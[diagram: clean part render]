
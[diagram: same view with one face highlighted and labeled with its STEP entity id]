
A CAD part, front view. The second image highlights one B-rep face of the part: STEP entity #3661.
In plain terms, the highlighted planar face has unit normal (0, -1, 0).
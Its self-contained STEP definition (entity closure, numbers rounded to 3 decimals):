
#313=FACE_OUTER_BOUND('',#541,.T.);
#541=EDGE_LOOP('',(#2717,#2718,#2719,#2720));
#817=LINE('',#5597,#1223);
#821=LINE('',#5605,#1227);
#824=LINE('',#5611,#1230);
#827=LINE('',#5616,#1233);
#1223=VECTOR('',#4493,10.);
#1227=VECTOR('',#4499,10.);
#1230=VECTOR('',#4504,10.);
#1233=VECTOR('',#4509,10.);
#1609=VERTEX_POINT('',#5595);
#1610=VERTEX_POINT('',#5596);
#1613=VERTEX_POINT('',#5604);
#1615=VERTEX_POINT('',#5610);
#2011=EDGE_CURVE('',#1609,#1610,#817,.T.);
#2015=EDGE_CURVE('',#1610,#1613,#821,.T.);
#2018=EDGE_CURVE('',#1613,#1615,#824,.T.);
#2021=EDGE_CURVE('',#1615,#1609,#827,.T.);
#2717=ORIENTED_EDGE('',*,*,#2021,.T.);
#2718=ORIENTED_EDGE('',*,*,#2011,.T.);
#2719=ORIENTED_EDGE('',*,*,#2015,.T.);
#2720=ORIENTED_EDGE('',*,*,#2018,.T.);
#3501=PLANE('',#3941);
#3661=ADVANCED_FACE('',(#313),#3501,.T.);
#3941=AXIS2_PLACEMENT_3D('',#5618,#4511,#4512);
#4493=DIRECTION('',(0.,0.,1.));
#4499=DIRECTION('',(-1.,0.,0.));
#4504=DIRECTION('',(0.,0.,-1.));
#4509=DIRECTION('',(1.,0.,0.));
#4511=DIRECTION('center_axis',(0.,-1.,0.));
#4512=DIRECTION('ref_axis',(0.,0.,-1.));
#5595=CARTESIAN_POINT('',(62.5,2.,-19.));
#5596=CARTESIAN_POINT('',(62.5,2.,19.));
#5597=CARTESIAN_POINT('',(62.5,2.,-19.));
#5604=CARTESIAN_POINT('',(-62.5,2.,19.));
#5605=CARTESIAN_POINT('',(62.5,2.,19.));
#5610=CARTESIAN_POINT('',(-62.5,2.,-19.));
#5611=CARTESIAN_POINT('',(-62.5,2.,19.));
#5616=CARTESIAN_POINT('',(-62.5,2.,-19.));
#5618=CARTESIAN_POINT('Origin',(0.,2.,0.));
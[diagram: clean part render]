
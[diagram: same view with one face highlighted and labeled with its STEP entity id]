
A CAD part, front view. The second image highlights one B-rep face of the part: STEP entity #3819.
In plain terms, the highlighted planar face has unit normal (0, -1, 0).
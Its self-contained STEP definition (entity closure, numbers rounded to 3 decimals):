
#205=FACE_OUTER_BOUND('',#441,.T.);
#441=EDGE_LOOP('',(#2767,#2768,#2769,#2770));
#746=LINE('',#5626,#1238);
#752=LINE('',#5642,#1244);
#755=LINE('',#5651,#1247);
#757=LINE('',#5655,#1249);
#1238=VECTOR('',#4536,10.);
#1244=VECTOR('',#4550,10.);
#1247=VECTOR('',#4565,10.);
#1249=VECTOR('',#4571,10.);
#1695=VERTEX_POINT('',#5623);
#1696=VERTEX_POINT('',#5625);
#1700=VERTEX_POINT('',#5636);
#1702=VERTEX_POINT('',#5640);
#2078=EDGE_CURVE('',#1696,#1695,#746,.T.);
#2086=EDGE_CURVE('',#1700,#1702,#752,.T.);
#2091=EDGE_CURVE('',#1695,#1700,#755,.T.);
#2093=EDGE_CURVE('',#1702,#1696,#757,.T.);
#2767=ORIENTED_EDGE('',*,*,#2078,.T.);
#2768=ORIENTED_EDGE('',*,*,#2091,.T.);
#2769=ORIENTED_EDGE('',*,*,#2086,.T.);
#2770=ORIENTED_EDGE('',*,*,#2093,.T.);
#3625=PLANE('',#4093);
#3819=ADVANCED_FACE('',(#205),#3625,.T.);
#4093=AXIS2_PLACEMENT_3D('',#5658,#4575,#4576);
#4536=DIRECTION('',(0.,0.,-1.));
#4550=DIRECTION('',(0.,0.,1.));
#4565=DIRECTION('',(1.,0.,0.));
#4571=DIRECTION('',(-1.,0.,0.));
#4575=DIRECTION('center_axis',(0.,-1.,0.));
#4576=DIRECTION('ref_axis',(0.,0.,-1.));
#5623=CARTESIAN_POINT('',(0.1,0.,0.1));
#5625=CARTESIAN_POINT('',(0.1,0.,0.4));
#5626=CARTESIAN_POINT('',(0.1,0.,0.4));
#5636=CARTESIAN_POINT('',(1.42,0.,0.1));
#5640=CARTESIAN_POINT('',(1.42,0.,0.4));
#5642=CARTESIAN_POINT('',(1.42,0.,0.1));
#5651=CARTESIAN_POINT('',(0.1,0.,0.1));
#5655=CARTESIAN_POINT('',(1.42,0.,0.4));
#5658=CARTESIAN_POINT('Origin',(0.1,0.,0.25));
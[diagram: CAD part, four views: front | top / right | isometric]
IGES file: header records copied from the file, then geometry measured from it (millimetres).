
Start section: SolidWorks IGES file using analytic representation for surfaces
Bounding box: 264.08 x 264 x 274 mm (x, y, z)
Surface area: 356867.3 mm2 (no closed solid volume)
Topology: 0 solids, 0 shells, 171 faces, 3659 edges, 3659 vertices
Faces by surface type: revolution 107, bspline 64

----------------------------------------

## What the task asks
Print only what lies in the material above starting at the line with "STEP entity #3819." and ending at the line with "#752=LINE('',#5642,#1244);", every line exactly as given.

## Task output
A CAD part, front view. The second image highlights one B-rep face of the part: STEP entity #3819.
In plain terms, the highlighted planar face has unit normal (0, -1, 0).
Its self-contained STEP definition (entity closure, numbers rounded to 3 decimals):
#205=FACE_OUTER_BOUND('',#441,.T.);
#441=EDGE_LOOP('',(#2767,#2768,#2769,#2770));
#746=LINE('',#5626,#1238);
#752=LINE('',#5642,#1244);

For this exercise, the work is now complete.